Justine (1969)
3/10
A strange mix
3 April 2024
Warning: Spoilers
No, not Jess Franco's Justine which came out the same year.

This is a bigger movie.

Maybe not better.

Directed by George Cukor and Joseph Strick and written by Lawrence B. Marcus from the novel by Lawrence Durrell, Justine takes what is seemingly an impenetrable source and turns out, well, something.

Why two directors? The pre-production was done by Strick, who intended to shoot the movie in Morocco. He did some location filming there, but battled Fox execs and star Anouk Aimée. When he did not hire along with the studio's wishes - and fell asleep on the set while working - Cukor was brought in. Instead of shooting on location, the rest was shot in Hollywood.

It ended up losing $6,602,000, which in today's money is $55,824,857.00.

Let's go back a bit. The book that this was based on is part of The Alexandria Quartet, a tetralogy of novels by British writer Lawrence Durrell. The first three books are a Rashomon-like telling of three perspectives on a single set of events and characters in Egypt, before and during the Second World War. The fourth book is set six years later. Justine is the best-known of these books. The author saw the four novels as an exploration of relativity and the notions of continuum and subject-object relation all within the theme of modern love.
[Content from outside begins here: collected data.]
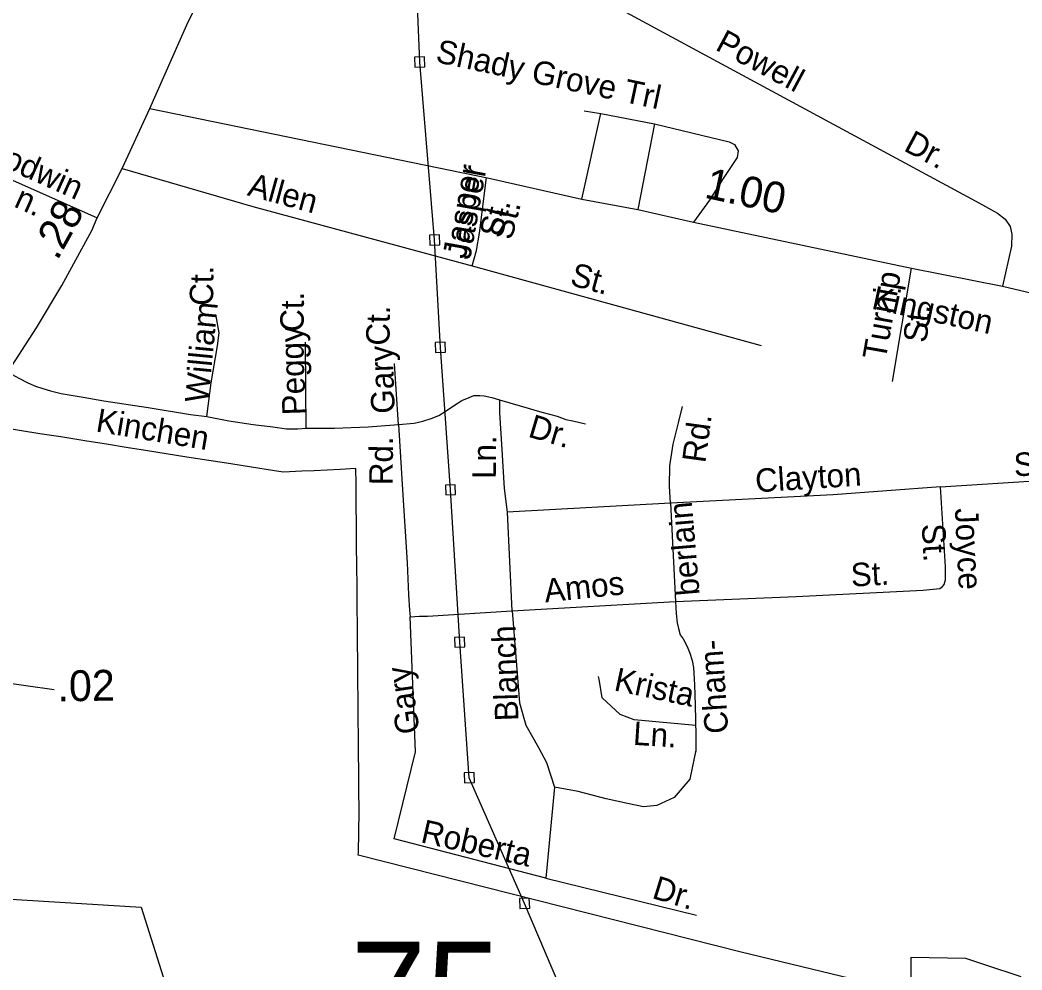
# Model space of a CAD drawing. Extents: x 2220236 to 2384410, y 720751 to 894131.
# Drawn here: x 2347089 to 2351147, y 787885 to 791735 of the extents above; entities that cross this region are included whole.
import ezdxf

# ---------------------------------------------------------------- set-up
doc = ezdxf.new("R2010")
doc.units = 0
for name, color, linetype in [('Exist Boundary Political City Limit New', 7, 'Continuous'), ('Exist Road Non-System Type 51', 7, 'Continuous'), ('Exist Road Non-System Type 51 Label', 7, 'Continuous'), ('Exist Road Primary NC Attributed', 7, 'Continuous'), ('Exist Road Primary NC Service Mileage Hundredths English Label', 7, 'Continuous'), ('Exist Road Secondary Mileage Hundredths English Label', 7, 'Continuous'), ('Exist Road Secondary Structure Standard Bridge Number Label', 7, 'Continuous'), ('Exist Road Secondary Type 51 Attributed', 7, 'Continuous'), ('Exist Road Secondary Type 51 Label', 7, 'Continuous'), ('Exist Utilities Electrical Transmission Line', 7, 'Continuous'), ('Map Preparation Boundary City Limit Buffer Line', 7, 'Continuous')]:
    doc.layers.add(name, color=color, linetype=linetype)

msp = doc.modelspace()

# ---------------------------------------------------------------- linework, layer by layer
at = {"layer": 'Exist Boundary Political City Limit New'}
for points in [[(2351143, 787856.8), (2350996.8, 787905.8), (2350919.5, 787931.8), (2350696.8, 787934.8), (2350696.8, 787791.5), (2350009.5, 787957.1), (2348458.8, 788349.9), (2348459, 788360.6), (2348461.8, 788527.2), (2348460.8, 788617.5), (2348460.2, 788692.8), (2348459.5, 788759.9), (2348459, 788829.9), (2348458.2, 788902.5), (2348457.8, 788977.6), (2348457, 789057.6), (2348456.2, 789132.7), (2348455.8, 789212.8), (2348455, 789287.8), (2348454.5, 789346.9), (2348453.5, 789439.5), (2348452.8, 789522.6), (2348452, 789605.8), (2348451.2, 789688.8), (2348450.5, 789771.9), (2348449.8, 789855.1), (2348449, 789916.9), (2348385.2, 789913.7), (2348280.5, 789908.4), (2348230.5, 789905.9), (2348154.2, 789902), (2348110.5, 789908.9), (2348026.5, 789922.2), (2347942.5, 789935.6), (2347853.5, 789949.7), (2347764.8, 789963.8), (2347680.8, 789977.1), (2347596.8, 789990.4), (2347517.8, 790002.9), (2347438.8, 790015.5), (2347359.8, 790028), (2347253.2, 790044.9), (2347169.2, 790058.2), (2346944.5, 790093.9)], [(2346668.2, 787578.6), (2346465.5, 788201.5), (2346677, 788194.9), (2347579.2, 788138.8), (2347756, 787579)]]:
    msp.add_lwpolyline(points, dxfattribs=at)
at = {"layer": 'Exist Road Non-System Type 51'}
for p, q in [((2349363.5, 791009.3), (2349441.5, 791356.5)), ((2349373.5, 791366.6), (2349441.5, 791356.5)), ((2349441.5, 791356.5), (2349658, 791313.4)), ((2349658, 791313.4), (2349590.8, 790966.2)), ((2346892.9, 791158.9), (2347400.6, 790933.2)), ((2348919.7, 790738.8), (2350090.6, 790415.7)), ((2350622.1, 790270.1), (2350699.7, 790728.7)), ((2350817.4, 789842.5), (2351395, 789879.5)), ((2349723.3, 789777.2), (2349062.2, 789740.2)), ((2349723.3, 789777.2), (2349743.4, 789378.8)), ((2349062.2, 789740.2), (2349081.1, 789340.5)), ((2349081.1, 789340.5), (2349743.4, 789378.8))]:
    msp.add_line(p, q, dxfattribs=at)
for points in [[(2349222.3, 791940.5), (2350975.4, 790992.4), (2351048, 790952.1), (2351078.9, 790927.8), (2351099.1, 790898.2), (2351105.8, 790867.3), (2351104.5, 790818.8), (2351068.2, 790656)], [(2349658, 791313.4), (2349960.8, 791241.7), (2349982.9, 791230), (2349997.1, 791204.2), (2349993.6, 791178.2), (2349937.1, 791092), (2349880.6, 791004.5), (2349816.1, 790915.7)], [(2347502.1, 791133.1), (2348032, 790979.6), (2348919.7, 790738.8)], [(2348919.7, 790738.8), (2348927.8, 790767), (2348937.2, 790800.7), (2348949.3, 790870.6), (2348977.8, 791096.2)], [(2347845.8, 790128.4), (2347863.3, 790264.4), (2347888.8, 790413.7), (2347895.5, 790467.6), (2347883.5, 790535.2)], [(2348247.9, 790080), (2348246.6, 790238.8), (2348245.1, 790428.9)], [(2348621.8, 790096.1), (2348612.4, 790238.8), (2348605.3, 790343.3)], [(2347039.5, 790308.1), (2347085.9, 790281.9), (2347119.5, 790264.4), (2347151.8, 790250.9), (2347181.4, 790241.5), (2347212.3, 790232.1), (2347255.3, 790221.3), (2347344.1, 790206.5), (2347427.5, 790191.7), (2347607.7, 790164.8), (2347778.5, 790136.5), (2347845.8, 790128.4)], [(2348621.8, 790096.1), (2348684.3, 790100.9), (2348720.6, 790108.9), (2348754.3, 790119.7), (2348785.2, 790131.8), (2348810.7, 790148), (2348844.4, 790170.8), (2348878, 790192.4), (2348907.6, 790204.5), (2348926.4, 790212.5), (2348935.8, 790212.5), (2348950.6, 790212.5), (2348968.1, 790211.2), (2348999, 790204.5), (2349030, 790195.1)], [(2349030, 790195.1), (2349114.7, 790170.8), (2349202.1, 790145.3), (2349264, 790129.1), (2349298.9, 790115.7), (2349327.2, 790110.3), (2349378.3, 790098.2)], [(2349030, 790195.1), (2349030, 790142.6), (2349038, 790016.1), (2349050.1, 789835.7), (2349062.2, 789740.2)], [(2349723.3, 789777.2), (2349719.2, 789845.8), (2349720.6, 789927.9), (2349734, 790015.4), (2349756.9, 790108.3), (2349771.7, 790168.8)], [(2347845.8, 790128.4), (2347934.5, 790110.9), (2348032.7, 790096.1), (2348112.1, 790085.4), (2348168.5, 790078.6), (2348214.3, 790077.3), (2348247.9, 790080)], [(2348247.9, 790080), (2348362.2, 790081.3), (2348498.1, 790085.4), (2348621.8, 790096.1)], [(2348621.8, 790096.1), (2348637.9, 789831), (2348656.8, 789535), (2348662.1, 789405.8), (2348666.2, 789342.5), (2348669.2, 789315.8)], [(2350817.4, 789842.5), (2350381.6, 789810.2), (2349723.3, 789777.2)], [(2349743.4, 789378.8), (2350231.7, 789399), (2350746.8, 789424.6), (2350814, 789431.3), (2350824.8, 789439.4), (2350831.5, 789447.5), (2350836.9, 789466.3), (2350836.9, 789518.8), (2350817.4, 789842.5)], [(2349743.4, 789378.8), (2349746.1, 789329.1), (2349750.2, 789291.4), (2349755.5, 789268.5), (2349762.9, 789243.6), (2349774.4, 789226.8), (2349790.5, 789195.8), (2349801.3, 789168.9), (2349810.7, 789139.3), (2349816.1, 789111), (2349820.1, 789041.1), (2349822.8, 788957.6), (2349825.5, 788835.2), (2349825.5, 788770.6)], [(2349217.7, 788257.2), (2348603.8, 788416.2), (2348689.9, 788769.2), (2348669.2, 789315.8)], [(2348669.2, 789315.8), (2348687.1, 789317.6), (2348706.5, 789318.3), (2348738.8, 789318.3), (2349081.1, 789340.5)], [(2349081.7, 789340.5), (2349111.2, 788967.8), (2349137, 788876.9), (2349188.1, 788787), (2349220.4, 788726.1), (2349253.4, 788625.4), (2349217.7, 788257.2)], [(2349825.5, 788875.5), (2349575.9, 788898.5), (2349519.4, 788920), (2349446.6, 788987.4), (2349434.8, 789063.3), (2349431, 789074.9)], [(2349826.4, 788775.5), (2349802.1, 788658.7), (2349737.5, 788583.3), (2349667.5, 788550.9), (2349613.6, 788545.5), (2349549, 788559), (2349462.8, 788577.9), (2349349.7, 788607.5), (2349253.4, 788625.4)], [(2349217.7, 788257.2), (2349829, 788106.4)]]:
    msp.add_lwpolyline(points, dxfattribs=at)
at = {"layer": 'Exist Road Primary NC Attributed'}
for points in [[(2347613.8, 791376.7), (2347763.7, 791715.1), (2347904.3, 792005.1)], [(2346389.9, 789400.7), (2346777.2, 789932.6), (2347039.5, 790308.1), (2347155.8, 790487.8), (2347257.4, 790659.3), (2347379.8, 790881.4), (2347400.6, 790933.2), (2347502.1, 791133.1), (2347613.8, 791376.7)]]:
    msp.add_lwpolyline(points, dxfattribs=at)
at = {"layer": 'Exist Road Primary NC Service Mileage Hundredths English Label'}
msp.add_line((2346291.3, 789154.2), (2347226.6, 789021.6), dxfattribs=at)
at = {"layer": 'Exist Road Secondary Type 51 Attributed'}
msp.add_lwpolyline([(2347613.8, 791376.7), (2348981.6, 791095.4), (2349363.5, 791009.3), (2349590.8, 790966.2), (2349816.1, 790915.7), (2350699.7, 790728.7), (2351068.2, 790656), (2351233.6, 790617), (2351339.9, 790612.9), (2351485.1, 790617), (2351691.9, 790626.1), (2353000.4, 790646)], dxfattribs=at)
at = {"layer": 'Exist Utilities Electrical Transmission Line'}
for points in [[(2349360.6, 787617.7), (2349132.2, 788154.8), (2348908.1, 788664.1), (2348869.5, 789213.3), (2348832.1, 789830.7), (2348791.1, 790408), (2348767.9, 790843.5), (2348707.3, 791564.5), (2348681.9, 792186.1), (2348644.1, 792827.5), (2348595.1, 793420.7), (2348557.5, 794054), (2348519.6, 794701.4), (2348483.4, 795216.7), (2348445.1, 795757.9), (2348415.6, 796367.4), (2348363.4, 797058.6), (2348322, 797681.9), (2348023.9, 798200.2), (2347737.8, 798710.5), (2347371.9, 799369.8), (2346969.9, 800062.7)], [(2348688.1, 791543.7), (2348728.1, 791545.3), (2348726.5, 791585.3), (2348686.5, 791583.7), (2348688.1, 791543.7)], [(2348748.8, 790822.7), (2348788.7, 790824.3), (2348787.1, 790864.3), (2348747.1, 790862.6), (2348748.8, 790822.7)], [(2348771.9, 790387.3), (2348811.9, 790388.9), (2348810.3, 790428.8), (2348770.3, 790427.2), (2348771.9, 790387.3)], [(2348812.9, 789809.9), (2348852.9, 789811.5), (2348851.2, 789851.5), (2348811.3, 789849.8), (2348812.9, 789809.9)], [(2348850.3, 789192.6), (2348890.3, 789194.2), (2348888.6, 789234.1), (2348848.7, 789232.5), (2348850.3, 789192.6)], [(2348888.9, 788643.3), (2348928.9, 788644.9), (2348927.3, 788684.9), (2348887.3, 788683.3), (2348888.9, 788643.3)], [(2349113, 788134), (2349153, 788135.7), (2349151.3, 788175.6), (2349111.4, 788174), (2349113, 788134)]]:
    msp.add_lwpolyline(points, dxfattribs=at)
at = {"layer": 'Map Preparation Boundary City Limit Buffer Line'}
for points in [[(2351143, 787856.8), (2350996.8, 787905.8), (2350919.5, 787931.8), (2350696.8, 787934.8), (2350696.8, 787791.5), (2350009.5, 787957.1), (2348458.8, 788349.9), (2348459, 788360.6), (2348461.8, 788527.2), (2348460.8, 788617.5), (2348460.2, 788692.8), (2348459.5, 788759.9), (2348459, 788829.9), (2348458.2, 788902.5), (2348457.8, 788977.6), (2348457, 789057.6), (2348456.2, 789132.7), (2348455.8, 789212.8), (2348455, 789287.8), (2348454.5, 789346.9), (2348453.5, 789439.5), (2348452.8, 789522.6), (2348452, 789605.8), (2348451.2, 789688.8), (2348450.5, 789771.9), (2348449.8, 789855.1), (2348449, 789916.9), (2348385.2, 789913.7), (2348280.5, 789908.4), (2348230.5, 789905.9), (2348154.2, 789902), (2348110.5, 789908.9), (2348026.5, 789922.2), (2347942.5, 789935.6), (2347853.5, 789949.7), (2347764.8, 789963.8), (2347680.8, 789977.1), (2347596.8, 789990.4), (2347517.8, 790002.9), (2347438.8, 790015.5), (2347359.8, 790028), (2347253.2, 790044.9), (2347169.2, 790058.2), (2346944.5, 790093.9)], [(2346668.2, 787578.6), (2346465.5, 788201.5), (2346677, 788194.9), (2347579.2, 788138.8), (2347756, 787579)]]:
    msp.add_lwpolyline(points, dxfattribs=at)

# ---------------------------------------------------------------- texts
at = {"layer": 'Exist Road Non-System Type 51 Label'}
for s, rotation, p in [('Powell', 331.8477, (2349900.5, 791616)), ('Shady Grove Trl', 348.0183, (2348768.3, 791564.8)), ('Godwin', 335.8061, (2346924, 791180.9)), ('Dr.', 331.8477, (2350663.4, 791207.7)), ('Jasper', 79.9319, (2348893.1, 790763.9)), ('Jasper', 79.9319, (2348911.7, 790760.4)), ('Ln.', 335.8061, (2346995.3, 791008.9)), ('Allen', 344.6162, (2348005.7, 791025.1)), ('St.', 75.784, (2349039.2, 790846.6)), ('St.', 75.784, (2349079.9, 790839.6)), ('Ct.', 89.3567, (2347870.5, 790576.5)), ('St.', 344.5961, (2349312.2, 790661.8)), ('Turnip', 79.9496, (2350594, 790353.1)), ('Ct.', 89.3567, (2348237.2, 790470.8)), ('William', 84.4916, (2347850.6, 790180.5)), ('Ct.', 89.3567, (2348585.1, 790414.8)), ('St.', 83.8263, (2350760.1, 790424.4)), ('Peggy', 91.8476, (2348246.3, 790134.5)), ('Gary', 91.8476, (2348606.7, 790140.7)), ('Kinchen', 350.4121, (2347392, 790067.8)), ('Dr.', 343.5616, (2349142.3, 790046.9)), ('Rd.', 82.2448, (2349864, 789936.8)), ('Rd.', 89.3567, (2348597.6, 789849.1)), ('Ln.', 89.3567, (2349015.5, 789874.5)), ('St.', 3.1281, (2351115.9, 789885.1)), ('Clayton', 3.7022, (2350069.1, 789820.3)), ('berlain', 94.8754, (2349841.5, 789405.8)), ('Joyce', 272.8934, (2350874.6, 789755.1)), ('St.', 272.8934, (2350741, 789691.5)), ('St.', 3.1281, (2350456, 789438.3)), ('Amos', 5.866, (2349216.2, 789374.4)), ('Blanch', 91.8476, (2349107.5, 788894.5)), ('Cham-', 93.8695, (2349957.6, 788845.5)), ('Gary', 98.5608, (2348708.2, 788848.3)), ('Krista', 348.0554, (2349490.4, 789018.6)), ('Ln.', 356.2186, (2349569.5, 788797.7)), ('Roberta', 347.183, (2348707.5, 788403)), ('Dr.', 342.9284, (2349644.1, 788177.3))]:
    msp.add_text(s, height=95, rotation=rotation, dxfattribs=at).set_placement(p)
at = {"layer": 'Exist Road Primary NC Service Mileage Hundredths English Label'}
for s, rotation, p in [('.28', 61.138, (2347239.6, 790756.6)), ('.02', 0.929, (2347241.1, 788973))]:
    msp.add_text(s, height=125, rotation=rotation, dxfattribs=at).set_placement(p)
at = {"layer": 'Exist Road Secondary Mileage Hundredths English Label'}
msp.add_text('1.00', height=125, rotation=347.8221, dxfattribs=at).set_placement((2349856.6, 791015.4))
at = {"layer": 'Exist Road Secondary Structure Standard Bridge Number Label'}
msp.add_text('75', height=410.1, dxfattribs=at).set_placement((2348428.4, 787589.2))
at = {"layer": 'Exist Road Secondary Type 51 Label'}
msp.add_text('Kingston', height=95, rotation=347.8221, dxfattribs=at).set_placement((2350533.8, 790565.4))

doc.saveas('drawing.dxf')

Seems like a blockbuster, right?

In the book, the narrator - unnamed but revealed as a man named Darley in later novels - tells of his time in Alexandria and his tragic romance with Justine, a mysterious Jewish woman who was once poor and now married to the rich Egyptian Nessim. Darley is quite similar in background and life to the actual writer of this book.

I love the way that Justine herself is described: "alluring, seductive, mournful and prone to dark, cryptic pronouncements." Feels like my dating history. There's also another book within the book written by another lover of Justine, as well as her diary, all of which tell of her many lovers and teh dark hurricane that she brings into the lives of men.

There are also bits about the study of the Kabbalah and secret political games.

As for Durrell, he was born in India to British colonial parents and spent much of his life traveling the world. He worked as a senior press officer to the British embassies in Athens and Cairo, press attaché in Alexandria and Belgrade and director of the British Institutes in Kalamata, Greece and Córdoba, Argentina. He was also director of Public Relations for the Dodecanese Islands and Cyprus. Yet he resisted only being listed as British and didn't even have citizenship, needing to apply for a visa every time he came to the country, which was embarrassing to diplomats. Also, he may have had a relationship with his daughter Sappho Jane, who was named for the Greek poet whose name is associated with lesbianism.

It's hard to sum up an artist's complex life in one paragraph but there you go.

Anyways, this movie feels cursed. Even people who left it worked on bombs. For example, Joseph L. Mankiewicz was working on the screenplay when he was approached to take over Cleopatra. Speaking of that movie, it's failure led to original producer Walter Wanger being fired and original star - and the person often blamed for Cleopatra - Elizabeth Taylor being replaced.

The actress who was picked to play Justine, Anouk Aimée, was so upset at being separated from her lover Albert Finney that she wanted to leave. The actor had to visit her and tell her to complete the movie. In the book Conversations with My Elders, Cukor was asked who the worst actor he had ever worked with. He answered Aimée, saying "That picture could have been much more than it was allowed to be." He said that the problem was "Attitude. Intractible. Like Marilyn Monroe, but without the results. Let me tell you, that girl knew she'd probably never work in Hollywood again, or she'd never have defied me like that."

I love this review from Roger Ebert: "What Cukor has salvaged from this morass is rather remarkable. "Justine" is a movie that doesn't work and is usually confusing, but all the same it's a movie with a texture, an atmosphere, that's almost hypnotic. People who go to movies to enjoy the story will be enraged, and people who go to Justine with any familiarity with Lawrence Durrell's Alexandria Quartet will be appalled. But people who go to movies to watch the way scenes work, and to relish the rhythm of an actor's performance, will like Justine more than they expected to."

There's a great cast at least. Nessim is played by John Vernon, Darley by Michael York, Narouz is Robert Forster, Pursewarden is Dirk Bogarde, plus there are roles from Jack Albertson, Michael Constantine, Michael Dunn, Barry Morse and Severn Darden. They're great actors seeking a script to work with and sometimes it works, but there's so much to get through and the first hour seemingly is formless. I don't know if this film came out today if anyone would even feel like wading through it; attention spans have changed greatly in its lifetime.

In the 60s, 20th Century Fox seemed like they were unable to get anything going. Cleopatra was such a failure that they had to release all of their contract actors just to save money and sold their studios to Alcoa. They were saved by the box office of The Longest Day, The Sound of Music, Fantastic Voyage and Planet of the Apes but would make other flops from 1969 to 1971, including Hello, Dolly! And Myra Breckinridge.